Der Vortrag von Christoph Schmeling-Kludas bildete den Abschluss der Tagung. Sein Rückblick auf die Gründung der AIM öffnete einen persönlichen Raum für Erinnerungen, die einige Anwesende im Saal teilten. Das berufliche Leben war sehr erfolgreich und voller intensiver Begegnungen. Für jüngere Teilnehmer:innen wurden historische Entwicklungsstränge deutlich. Christoph Schmeling-Kludas war an der Integration von patientenzentrierter Medizin in die Regelversorgung eines Hamburger Krankenhauses beteiligt und hat später die Aufgaben einer Ärztlichen Krankenhausgeschäftsführung ausgefüllt.

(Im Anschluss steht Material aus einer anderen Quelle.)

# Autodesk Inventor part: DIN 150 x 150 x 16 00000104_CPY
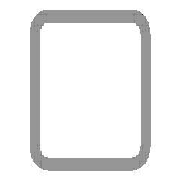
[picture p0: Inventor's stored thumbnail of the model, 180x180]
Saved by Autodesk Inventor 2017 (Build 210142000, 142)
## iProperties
Created: 2017-11
Part Number: DIN 150 x 150 x 16 00000104_CPY
Material: Steel, Mild
Description: Cold formed welded structural hollow sections of non-alloy and fine grain structural steel
Document SubType Name: Modeling
Standard: DIN
Designer: iusti
Standard Revision: 2006-07
Standards Organization: DIN
Language: en-US
Size Designation: 150 x 150 x 16
Categories: <MemberInstance><Categories><Category DisplayName="Structural Shapes" InternalName="089c4875-fa83-4c05-b084-43b9cc11f5ed" Mnemonic="GRDR"><CategoryParameter Dis
Stock Number: 150 x 150 x 16
Mass: 301820 g
Surface Area: 48238.1 cm^2
Volume: 38448.4 cm^3
Density: 7.85 g/cm^3
Appearance: Semi-Polished
IsCustomPart: 1
G_W: 150.000 mm
G_H: 150.000 mm
G_L: 5233.011 mm
+29768780-A419-4CF3-9340-1BC278E7B28F+CUTDETAIL2: Cut
+346FD258-9F9C-4BDE-884E-4FE9BE76FCEA+CUTDETAIL3: Miter 69.88 deg
_CCFamilyMember: 76
_CCFamilyDisplayName: DIN EN 10219-2 (Square Hollow Section - Cold Formed) - Cold formed welded structural hollow sections of non-alloy and fine grain structural steel
_FrameMemberDoc: Frame Member File
_Version: 15.0.0
_GetPNFromCC: 1
Author: iusti
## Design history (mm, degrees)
node "Start plane"
node "End plane"
sketch "Sketch"
  geometry: L1 (-75, -27)-(-75, 27); L2 (-27, 75)-(27, 75); L3 (75, 27)-(75, -27); L4 (27, -75)-(-27, -75); L5 (-27, 59)-(27, 59); L6 (59, 27)-(59, -27); L7 (27, -59)-(-27, -59); L8 (-59, -27)-(-59, 27); L9 (0, 118.918)-(0, -118.918) reference; L10 (-118.918, 0)-(118.918, 0) reference; A1 r 48 centre (-27, -27) between (-75, -27) and (-27, -75); A2 r 48 centre (-27, 27) between (-27, 75) and (-75, 27); A3 r 48 centre (27, 27) between (75, 27) and (27, 75); A4 r 48 centre (27, -27) between (27, -75) and (75, -27); A5 r 32 centre (-27, 27) between (-27, 59) and (-59, 27); A6 r 32 centre (27, 27) between (59, 27) and (27, 59); A7 r 32 centre (27, -27) between (27, -59) and (59, -27); A8 r 32 centre (-27, -27) between (-59, -27) and (-27, -59)
  constraints: 16 end point, 16 point on circle, 8 centre point, 8 tangent, 4 parallel, 3 equal radius, 2 perpendicular, 7 other
  dimensions: "d7" = 48 radius of A1 (= G_IR); "d10" = 150 distance between parallel lines of L2 L4 (= G_H); "d11" = 150 distance between parallel lines of L1 L3 (= G_W); "d12" = 16 distance between parallel lines of L3 L6 (= G_T); "d15" = 75 distance between parallel lines of L2 L10 (= 0.5 x d10); "d16" = 75 distance between parallel lines of L9 L3 (= 0.5 x d11)
extrude "Body" new body sketch "Sketch" stored distance "d3" = 5233.01077 (= G_L); taper "d4" = 0 deg
node "Driven Length"
  sketch "Sketch3"
    geometry: L1 (0, 0)-(10, 0) reference
    constraints: 2 end point, 1 horizontal
  workplane "Work Plane3"
  sketch "Sketch4"
    geometry: L1 (-2, 34.78)-(12, 34.78) reference; L2 (-2, 5267.791)-(12, 5267.791) reference
    dimensions: "d18" = 5233.01077 distance between parallel lines of L1 L2 (derived)
workplane "Work Plane5"
split "Split2"
workplane "Work Plane6"
split "Split3"
body "Solid1"
other parameters: "G_W" = 150 [user parameter; used in 1 equation term], "G_H" = 150 [user parameter; used in 1 equation term], "G_T" = 16 [user parameter; used in 1 equation term], "G_IR" = 48 [user parameter; used in 1 equation term], "G_L" = 5233.01077 (= d18) [user parameter; used in 1 equation term], "G_OFFSET_START" = -34.77977 [user parameter; used in 1 equation term], "G_OFFSET_END" = 27.4779 [user parameter; used in 1 equation term], "d13" = 34.77977 (= -G_OFFSET_START), "d14" = 5267.79054 (= G_OFFSET_END + B_L), "B_L" = 5240.31264 [user parameter; used in 1 equation term], "d17" = 90 deg

Sein Fazit war, dass es deutlich negative Effekte der Digitalisierung auf das Befinden und die Motivation von Mitarbeiterinnen und Mitarbeiter gibt.

Geschäftsführungen können diese Auswirkungen verschärfen und auch reduzieren und abmildern. Er berichtete. dass er Solidarität unter den Geschäftsführern erlebte und das in komplexen, schwierigen Prozessen hilfreich war.

Die 22. Jahrestagung in Hamburg fand unter ungewöhnlichen Bedingungen statt. Sie war von intensiver Zusammenarbeit in der Vorbereitungsgruppe und dem Vorstand getragen. Die Entscheidung zur Präsenzveranstaltung war situativ begründet und hat sich bewährt. Wir mussten im Nachhinein die Erfahrung verkraften, dass mehrere Kolleg:innen an Covid-19 erkrankten. So kam das Thema der Pandemie nicht nur über das Hygiene-Konzept zur Geltung, sondern auch durch die Konfrontation mit der geteilten Wirklichkeit der Ansteckungskraft des Covid-19-Virus. Als Teilnehmerin der Vorbereitungsgruppe (weiterhin Christine Schroth der Zweite, Marén Möhring, Philipp Herzog und Jens Prager) und  Covid-Betroffene blicke ich auf intensive Zeiten zurück und nehme einen Lernprozess wahr, der noch lange fortdauern wird.